Based on the same technology used for other pathogens.

2

80% efficacy reported.

3

100% efficacy reported.

4

100% efficacy reported.

5

40% efficacy reported.

3.1. Immunogenicity studies

3.1.1. DNA vaccines

A DNA vaccine expressing the entire M genome segment of CCHFV has been developed [100]. Following vaccination alone or in combination with other DNA vaccines against Rift Valley fever virus, tick-borne encephalitis virus and Hantaan virus, neutralising antibodies were only detected in around half of the treated mice, with immune precipitation demonstrating antibodies recognising both Gn and Gc [100]. Studies with this CCHFV DNA vaccine were limited to immunogenicity assessment by serological assay, as a suitable model of disease was not available at the time. Recently, a DNA vaccine coding for CCHFV Gc, Gn and NP demonstrated induction of both humoral and cell-mediated immune responses which elicited complete protection from lethal disease in a mouse model [91].

3.1.2. Plant expressed vaccines

Another approach to vaccination against CCHFV has been to develop methods to reduce virus levels in animals which play a critical role in the transmission cycle [102], although animals do not show clinical signs of disease [103]. The Gn and Gc coding regions of CCHFV have been manipulated into plant cloning vectors and subsequently expressed in transgenic tobacco plants. The leaves and roots were then fed to mice, leading to oral/mucosal immunisation and the induction of an antigen-specific humoral response [79]. However, serum antibody levels measured by ELISA were relatively low in fed groups (1:256) and required boosting to increase the response (1:32,000) [79]. Unfortunately this study did not have access to an animal model of CCHF disease and no efficacy studies were performed. It is noteworthy that with the transgenic plant vaccine, only the Gn and Gc were included and no other parts of the CCHFV M segment.

3.1.3. Inactivated vaccines

Until recently, data on the immune response to the Bulgarian mouse brain derived vaccine were limited. However, in 2010 a study of eight vaccinees was published, demonstrating T-cell activity and humoral responses [64]. Repeat dosing was required for the antibody to demonstrate neutralisation activity and increase T-cell responses, suggesting that booster vaccinations may be required to confer protective immunity [64]. Whilst this data provides evidence on the immune response, efficacy data on the vaccine is still not published.

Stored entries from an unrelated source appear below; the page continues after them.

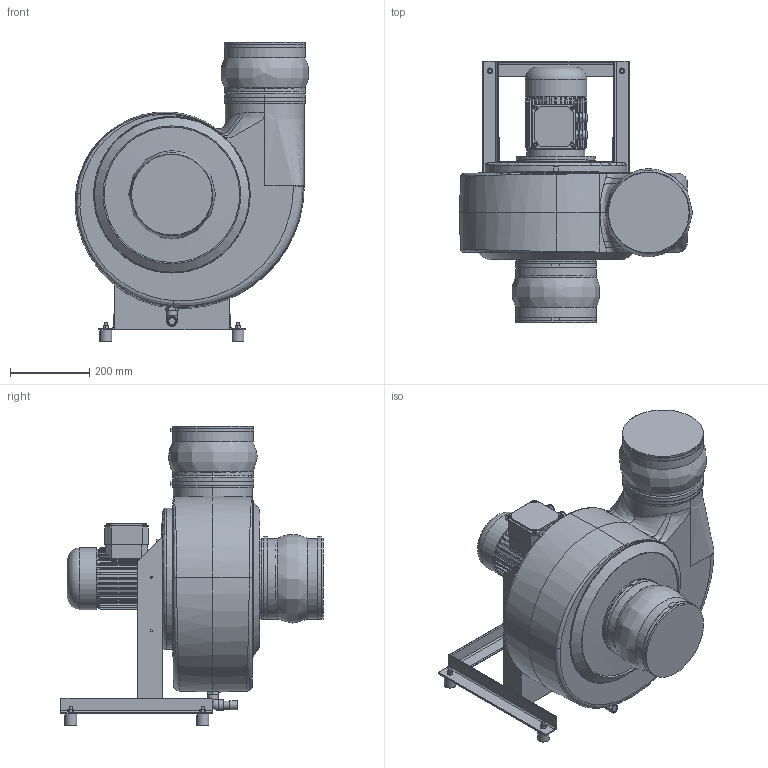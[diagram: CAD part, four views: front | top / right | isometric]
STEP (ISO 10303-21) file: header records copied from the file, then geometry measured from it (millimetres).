
FILE_DESCRIPTION( ( 'Unknown' ), '1' );
FILE_NAME( 'K:/HOME/HLT_CAD/Z/HF/3D/Zusammenstellung/HFR/HFR 15_17/HFR...-15D/DS_1/HFR_200-15D/GR360/HFR_200-15D_DS1_GR_360_080.stp', 'Unknown', ( 'Unknown' ), ( 'Unknown' ), 'PSStep 17.0.49', 'Unknown', ' ' );
FILE_SCHEMA( ( 'AUTOMOTIVE_DESIGN { 1 0 10303 214 1 1 1 1 }' ) );
Length unit declared in the file: millimetre
Products named in the file (30): 6203_Kugelmanschette; 6203_Manschettenband_HFR200; 6203_Schelle_HFR200; 5159_Kondensatablauf_125-315; Winkel_90°_G1_2; Stopfen_G1_2-oa0; Rohr_20; Verschlusskappe_20; 5217_Laufradbefestigung; 5217_Drehteil; 5217_Flachdichtung_Ø32; 5217_Schraubkappe; 5217_Flachdichtung_Ø63; 5301_Gestell_HFR200_15_17_D_DS1; Angle 40x40x4-oa1; Angle 40x40x4-oa2; Angle 40x40x4-oa3; 5301_Gehäusebefestigungsplatte-oa4; Laufrad 200; Deckscheibe 200; Nabe 160-315; 1108_19; Assem1; 200 mit laufrad HF R 200; 6611_Motorring_Bg80; Schwidä_30x30; 6kant_M8; B5_80a_2HIHI; Gehäuse_200_GR_abgeschn
Assembly tree (37 placements, depth 3):
  Assem1
    200 mit laufrad HF R 200
    6611_Motorring_Bg80
    Schwidä_30x30  x4
    6kant_M8  x4
    B5_80a_2HIHI
    Gehäuse_200_GR_abgeschn
    Laufrad 200
      Deckscheibe 200
      Laufrad 200
      Nabe 160-315
      1108_19
    5159_Kondensatablauf_125-315
      Winkel_90°_G1_2
      Stopfen_G1_2-oa0
      Rohr_20
      Verschlusskappe_20
    6203_Kugelmanschette  x2
      6203_Manschettenband_HFR200
      6203_Schelle_HFR200
    5217_Laufradbefestigung
      5217_Drehteil
      5217_Flachdichtung_Ø32
      5217_Schraubkappe
      5217_Flachdichtung_Ø63
    5301_Gestell_HFR200_15_17_D_DS1
      Angle 40x40x4-oa1
      Angle 40x40x4-oa2
      Angle 40x40x4-oa3
      5301_Gehäusebefestigungsplatte-oa4
Bounding box: 590.09 x 663 x 758 mm (x, y, z)
Volume: 72907000.1 mm3; surface area: 2942140.7 mm2
Topology: 34 solids, 34 shells, 1359 faces, 3316 edges, 2120 vertices
Faces by surface type: plane 751, cylinder 305, cone 131, bspline 128, torus 36, extrusion 4, revolution 4
Full cylindrical faces by diameter (mm): 3.5 x3, 4.917 x1, 5.5 x4, 6.35 x2, 6.647 x8, 8 x14, 9 x2, 10 x4, 10.5 x1, 11 x12, 12 x5, 13 x9, 16 x2, 17 x1, 19 x1, 20 x4, 20.955 x1, 22.212 x1, 22.8 x1, 23 x1, 24 x4, 25 x1, 26.5 x2, 30 x4, 30.291 x1, 32 x1, 33.25 x1, 37 x1, 40 x1, 44 x1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
Entity records: 81722 total; most frequent: CARTESIAN_POINT 42467, ORIENTED_EDGE 5808, DIRECTION 5423, EDGE_CURVE 2904, AXIS2_PLACEMENT_3D 1998, VERTEX_POINT 1939, EDGE_LOOP 1615, VECTOR 1423

In an attempt to avoid the regulatory complications of a mouse brain derived vaccine, a purified, formalin inactivated preparation of CCHFV derived from cell culture was published in 2015 [97]. Vaccination required the use of alum adjuvant and although the data showed that this vaccine was able to induce neutralising antibodies, no studies of T cell immunity were performed. However, efficacy in the IFNAR−/− mouse model of CCHF was carried out showing that 80% of mice were protected from an otherwise lethal challenge.

While inactivated virus vaccines have proven effective for protecting against many viral diseases, those based on highly pathogenic viruses such as CCHFV are difficult to manufacture in bulk within a high containment setting.

3.2. Efficacy studies

Whilst studies on the immunogenicity of CCHFV vaccine candidates can yield interesting findings, results are often difficult to interpret as no defined immune correlate of protection is available. Nevertheless, the availability of a lethal murine model of CCHFV infection has enabled several vaccine candidates to be assessed in protection studies.

3.2.1. Viral vectors

3.2.1.1. Modified Vaccinia virus Ankara (MVA)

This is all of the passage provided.